Increasing evidence suggests that the establishment of Th2 heterogeneity is not stochastic, but rather instructive, based on the expression of specific factors. As such, a growing list of transcription factors has specific effects on individual Th2 cytokines. IRF4 is induced following T cell activation, and expression is further increased following Th2 differentiation. Importantly, the level of IRF4 in IL-10-low cells is increased compared to that in recently activated T cells. As we have shown, IRF4 activates IL-10 and IL-4 production, while decreasing IL-9 and having little effect on IL-5 or IL-13. C-maf regulates IL-4 production but is not required for production of other Th2 cytokines (43
). Similarly, Pias1 increases IL-13 production without affecting IL-4 or IL-5 expression (44
). We have shown that PU.1 decreases expression of many Th2 cytokines, but increases expression of CCL22, a chemokine associated with Th2 inflammation (8
). BOB.1/OBF.1 regulates PU.1 expression in Th2 cells and also affects the potential for Th2 cytokine production (45
). Moreover, the expression levels of each of these factors, and other factors that contribute to Th2 cytokine production exist in gradients that correlate with cytokine producing phenotypes (). The similar level of expression of IRF4 in both IL-4- and IL-10-single positive cells supports the idea that other positive- or negative-acting factors overlay on the IRF4 gradient to generate the specific patterns of cytokine secretion. The mosaic of transcription factor gradients ultimately results in the heterogeneity observed in cytokine production from individual cells.
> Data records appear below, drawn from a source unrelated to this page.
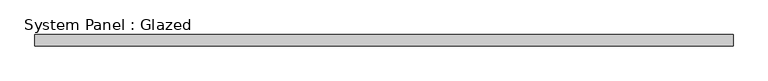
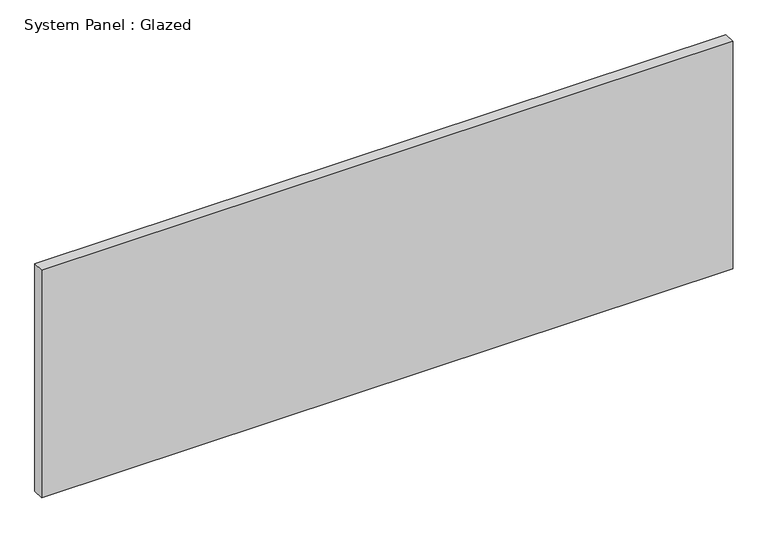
"""IFC4 building model written with IfcOpenShell, lengths in millimetres: plate geometry, System Panel : Glazed."""

from ifc_helpers import new_model, si_unit, origin, origin_with_axes, place, context, project, spatial, polyline, outline, extrude, source, transform, mapped, element, save


def system_panel_glazed_fa1729a0(model_context):
    return source(origin(), model_context, "Body", "SweptSolid", [
        extrude(outline(polyline([(755.0, -12.5), (-755.0, -12.5), (-755.0, 12.5), (755.0, 12.5), (755.0, -12.5)])), origin_with_axes(), (0.0, 0.0, 1.0), 525.0),
    ])


if __name__ == "__main__":
    model = new_model("IFC4")
    model_context = context("Model", 3, world=origin())
    ifc_project = project(units=[si_unit("LENGTHUNIT", "METRE", prefix="MILLI")], contexts=[model_context])
    site = spatial("IfcSite", under=ifc_project)
    building = spatial("IfcBuilding", under=site)
    placement = place(None, origin())
    system_panel_glazed_shape = system_panel_glazed_fa1729a0(model_context)
    element("IfcPlate", 1, ObjectType="System Panel : Glazed", at=placement, inside=building, context=model_context, shape_type="MappedRepresentation", body=[
        mapped(system_panel_glazed_shape, transform((0.0, 0.0, 0.0), x_axis=(1.0, 0.0, 0.0), y_axis=(0.0, 1.0, 0.0), z_axis=(0.0, 0.0, 1.0))),
    ])
    save(model, "model.ifc")
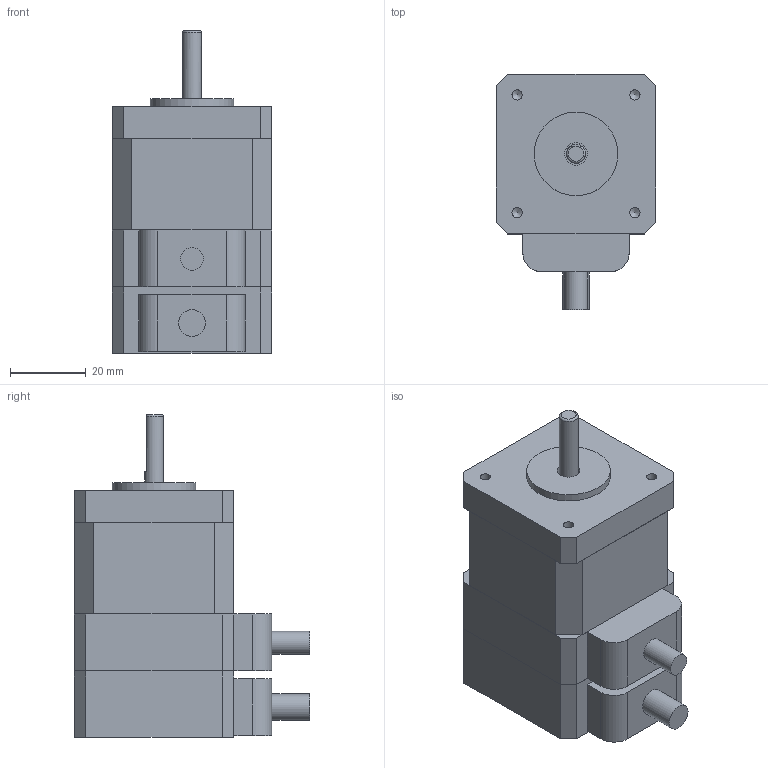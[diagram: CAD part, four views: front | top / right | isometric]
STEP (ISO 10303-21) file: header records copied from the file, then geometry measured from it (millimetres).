
FILE_DESCRIPTION(/* description */ (''),/* implementation_level */ '2;1');
FILE_NAME(/* name */ 'STP-43D3-Y17-36710.stp',/* time_stamp */ '2018-09-03T13:42:47+08:00',/* author */ (''),/* organization */ (''),/* preprocessor_version */ 'ST-DEVELOPER v11',/* originating_system */ 'SIEMENS UGS NX 6.0',/* authorisation */ '');
FILE_SCHEMA (('CONFIG_CONTROL_DESIGN'));
Length unit declared in the file: millimetre
Products named in the file (1): STP-43D3-Y17-36710
Bounding box: 42 x 62 x 85 mm (x, y, z)
Volume: 122036.6 mm3; surface area: 20010.1 mm2
Topology: 2 solids, 2 shells, 72 faces, 181 edges, 121 vertices
Faces by surface type: plane 54, cylinder 13, cone 4, torus 1
Full cylindrical faces by diameter (mm): 2.7 x4, 5 x1, 6 x2, 7 x1, 22 x1
Entity records: 2106 total; most frequent: CARTESIAN_POINT 377, DIRECTION 329, ORIENTED_EDGE 314, EDGE_CURVE 157, LINE 127, VECTOR 127, VERTEX_POINT 114, AXIS2_PLACEMENT_3D 101

In this report, we have identified IRF4 as a regulator of Th2 heterogeneity by enhancing or decreasing the production of specific cytokines. IRF4 function, like GATA-3 as described in our previous report (8
), is limited by the expression of PU.1 in Th2 cells, which binds IRF4 and decreases binding to target genes including Il10
. Future work will examine how these factors interact to generate the population phenotype and what signals determine the expression of each factor within individual cells.